[Math] expected value, random variable, piecewise function

integrationnormal distributionprobabilitystatistics

I hope that you can help me with the following problem:

Let $X \sim \mathcal N\left(\mu, \sigma^2\right)$ be a random variable. Define a new random variable $Y$ as:

$$
Y = g(X) =
\begin{cases}
a(z+X) & \text{if } (z+X) \leq k \\
ak + b(z+X-k) & \text{if } (z+X) > k,
\end{cases}
$$
where $a$, $b$, $k$, and $z$ are scalars. I want to calculate the expected value of $E(Y)$. Unfortunately, I don't know how to proceed. I guess I should apply the transformation theorem:

$$
E(Y) = \int _{-\infty}^{\infty} g(x)dF_x(x)
$$

But I don't know hot to apply it to $g(X)$.Thank you for your help!

Best Answer

For a random variable $X$ with finite first and second moments (i.e. expectation and variance exist) it holds that $\forall c\in\mathbb R$, $\mathbb E[cX]=c\mathbb E[X]$.

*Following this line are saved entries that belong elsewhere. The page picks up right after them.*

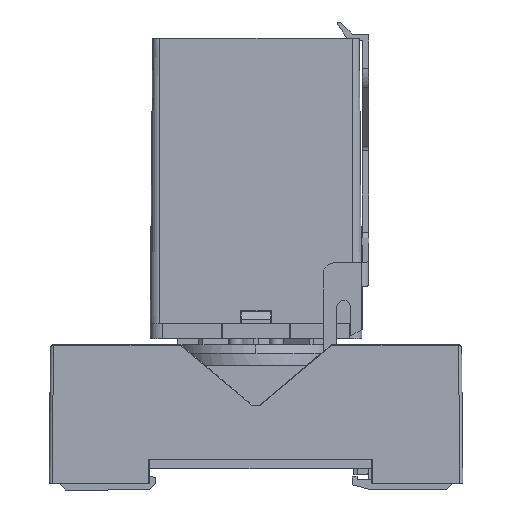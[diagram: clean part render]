
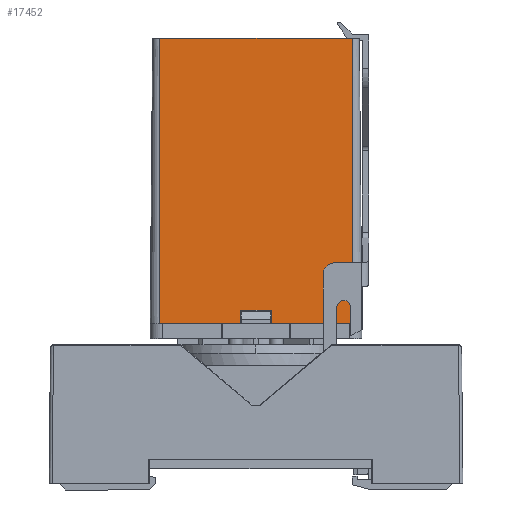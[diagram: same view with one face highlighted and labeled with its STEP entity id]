
A CAD part, left-side view. The second image highlights one B-rep face of the part: STEP entity #17452.
In plain terms, the highlighted planar face has unit normal (-1, 0, 0.009).
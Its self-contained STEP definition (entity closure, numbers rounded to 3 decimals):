
#591 = VERTEX_POINT ( 'NONE', #18346 ) ;
#1019 = DIRECTION ( 'NONE',  ( 0.009, 0., 1. ) ) ;
#1122 = EDGE_CURVE ( 'NONE', #21976, #591, #2372, .T. ) ;
#1268 = CARTESIAN_POINT ( 'NONE',  ( 1.67, 36.738, 27.5 ) ) ;
#1584 = VECTOR ( 'NONE', #49024, 1000. ) ;
#2372 = LINE ( 'NONE', #32725, #23827 ) ;
#4633 = ORIENTED_EDGE ( 'NONE', *, *, #32941, .T. ) ;
#5287 = CARTESIAN_POINT ( 'NONE',  ( 1.67, 50.088, 27.5 ) ) ;
#6116 = DIRECTION ( 'NONE',  ( -1., 0., 0.009 ) ) ;
#6299 = VERTEX_POINT ( 'NONE', #25834 ) ;
#7366 = ORIENTED_EDGE ( 'NONE', *, *, #26186, .F. ) ;
#7571 = CARTESIAN_POINT ( 'NONE',  ( 1.67, 50.088, 27.5 ) ) ;
#8216 = CARTESIAN_POINT ( 'NONE',  ( 1.67, 50.088, 27.5 ) ) ;
#8322 = ORIENTED_EDGE ( 'NONE', *, *, #17019, .T. ) ;
#8709 = VERTEX_POINT ( 'NONE', #14517 ) ;
#9216 = VERTEX_POINT ( 'NONE', #39314 ) ;
#9846 = CARTESIAN_POINT ( 'NONE',  ( 1.67, 50.088, 27.5 ) ) ;
#12239 = ORIENTED_EDGE ( 'NONE', *, *, #1122, .T. ) ;
#12253 = DIRECTION ( 'NONE',  ( -0.009, 0., -1. ) ) ;
#14517 = CARTESIAN_POINT ( 'NONE',  ( 2.082, 50.088, 74.7 ) ) ;
#15661 = CARTESIAN_POINT ( 'NONE',  ( 1.67, 50.088, 27.5 ) ) ;
#15792 = VECTOR ( 'NONE', #49013, 1000. ) ;
#17019 = EDGE_CURVE ( 'NONE', #8709, #32885, #34797, .T. ) ;
#17452 = ADVANCED_FACE ( 'NONE', ( #39910 ), #21020, .T. ) ;
#17777 = AXIS2_PLACEMENT_3D ( 'NONE', #9846, #6116, #36420 ) ;
#18346 = CARTESIAN_POINT ( 'NONE',  ( 1.689, 31.638, 29.7 ) ) ;
#19717 = CARTESIAN_POINT ( 'NONE',  ( 1.67, 18.288, 27.5 ) ) ;
#20220 = LINE ( 'NONE', #19717, #42250 ) ;
#20452 = DIRECTION ( 'NONE',  ( 0., -1., 0. ) ) ;
#21020 = PLANE ( 'NONE',  #17777 ) ;
#21976 = VERTEX_POINT ( 'NONE', #40657 ) ;
#23725 = VECTOR ( 'NONE', #36179, 1000. ) ;
#23827 = VECTOR ( 'NONE', #47849, 1000. ) ;
#23877 = EDGE_CURVE ( 'NONE', #32885, #40241, #46274, .T. ) ;
#24509 = LINE ( 'NONE', #32700, #23725 ) ;
#25641 = ORIENTED_EDGE ( 'NONE', *, *, #40413, .F. ) ;
#25834 = CARTESIAN_POINT ( 'NONE',  ( 2.082, 18.288, 74.7 ) ) ;
#26186 = EDGE_CURVE ( 'NONE', #6299, #9216, #20220, .T. ) ;
#26210 = LINE ( 'NONE', #33896, #1584 ) ;
#26264 = EDGE_CURVE ( 'NONE', #27467, #9216, #34671, .T. ) ;
#26454 = VECTOR ( 'NONE', #20452, 1000. ) ;
#27467 = VERTEX_POINT ( 'NONE', #40097 ) ;
#29884 = ORIENTED_EDGE ( 'NONE', *, *, #23877, .T. ) ;
#30667 = EDGE_CURVE ( 'NONE', #591, #27467, #26210, .T. ) ;
#32700 = CARTESIAN_POINT ( 'NONE',  ( 2.082, 50.088, 74.7 ) ) ;
#32725 = CARTESIAN_POINT ( 'NONE',  ( 1.689, 50.088, 29.7 ) ) ;
#32885 = VERTEX_POINT ( 'NONE', #15661 ) ;
#32941 = EDGE_CURVE ( 'NONE', #40241, #21976, #35103, .T. ) ;
#33896 = CARTESIAN_POINT ( 'NONE',  ( 1.67, 31.638, 27.5 ) ) ;
#34277 = EDGE_LOOP ( 'NONE', ( #12239, #44975, #46339, #7366, #25641, #8322, #29884, #4633 ) ) ;
#34671 = LINE ( 'NONE', #5287, #26454 ) ;
#34797 = LINE ( 'NONE', #8216, #47088 ) ;
#35103 = LINE ( 'NONE', #1268, #41486 ) ;
#36179 = DIRECTION ( 'NONE',  ( 0., -1., 0. ) ) ;
#36420 = DIRECTION ( 'NONE',  ( 0.009, 0., 1. ) ) ;
#39314 = CARTESIAN_POINT ( 'NONE',  ( 1.67, 18.288, 27.5 ) ) ;
#39910 = FACE_OUTER_BOUND ( 'NONE', #34277, .T. ) ;
#40097 = CARTESIAN_POINT ( 'NONE',  ( 1.67, 31.638, 27.5 ) ) ;
#40241 = VERTEX_POINT ( 'NONE', #48356 ) ;
#40413 = EDGE_CURVE ( 'NONE', #8709, #6299, #24509, .T. ) ;
#40657 = CARTESIAN_POINT ( 'NONE',  ( 1.689, 36.738, 29.7 ) ) ;
#41486 = VECTOR ( 'NONE', #1019, 1000. ) ;
#42250 = VECTOR ( 'NONE', #12253, 1000. ) ;
#42700 = DIRECTION ( 'NONE',  ( -0.009, 0., -1. ) ) ;
#44975 = ORIENTED_EDGE ( 'NONE', *, *, #30667, .T. ) ;
#46274 = LINE ( 'NONE', #7571, #15792 ) ;
#46339 = ORIENTED_EDGE ( 'NONE', *, *, #26264, .T. ) ;
#47088 = VECTOR ( 'NONE', #42700, 1000. ) ;
#47849 = DIRECTION ( 'NONE',  ( 0., -1., 0. ) ) ;
#48356 = CARTESIAN_POINT ( 'NONE',  ( 1.67, 36.738, 27.5 ) ) ;
#49013 = DIRECTION ( 'NONE',  ( 0., -1., 0. ) ) ;
#49024 = DIRECTION ( 'NONE',  ( -0.009, 0., -1. ) ) ;
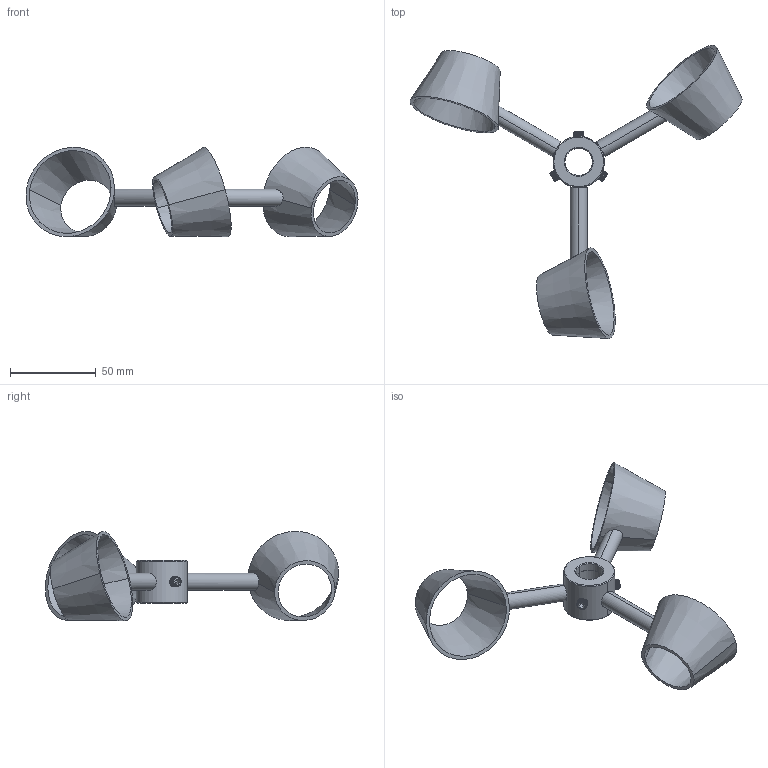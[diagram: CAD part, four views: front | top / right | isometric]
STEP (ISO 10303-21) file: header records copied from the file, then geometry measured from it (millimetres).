
FILE_DESCRIPTION (( 'STEP AP214' ), '1' );
FILE_NAME ('eco-Cup 210x16m.STEP', '2022-09-14T12:23:04', ( '' ), ( '' ), 'SwSTEP 2.0', 'SolidWorks 2022', '' );
FILE_SCHEMA (( 'AUTOMOTIVE_DESIGN' ));
Length unit declared in the file: millimetre
Products named in the file (5): eco-Cup 210x16m; Becher_eco-Cup 210; Scheibenabe_30x16; DIN 913 - M6 x 10-S_DIN 913 - M6 x 10-S; Rührarm_D10_DIN11852
Assembly tree (10 placements, depth 2):
  eco-Cup 210x16m
    Scheibenabe_30x16
    Rührarm_D10_DIN11852  x3
    Becher_eco-Cup 210  x3
    DIN 913 - M6 x 10-S_DIN 913 - M6 x 10-S  x3
Bounding box: 194.14 x 171.49 x 52.23 mm (x, y, z)
Volume: 49466.6 mm3; surface area: 39464.5 mm2
Topology: 10 solids, 10 shells, 271 faces, 670 edges, 420 vertices
Faces by surface type: cone 156, cylinder 74, plane 41
Entity records: 3814 total; most frequent: CARTESIAN_POINT 912, DIRECTION 634, ORIENTED_EDGE 532, EDGE_CURVE 266, AXIS2_PLACEMENT_3D 260, VERTEX_POINT 164, CIRCLE 138, EDGE_LOOP 118

In your case it is going to be pretty straight forward assuming that $a$,$b$,$k$ and $z$ are scalars and that the expectation of a normal distribution is the mean $\mu$:

$$ \mathbb E[a(z+X)] = \mathbb E[az + aX] = \mathbb E[az] + \mathbb E[aX] = az + a\mathbb E[X] = az + aμ$$ for $k\leqslant z+X$.

Now just follow the same line of thought for the other equation.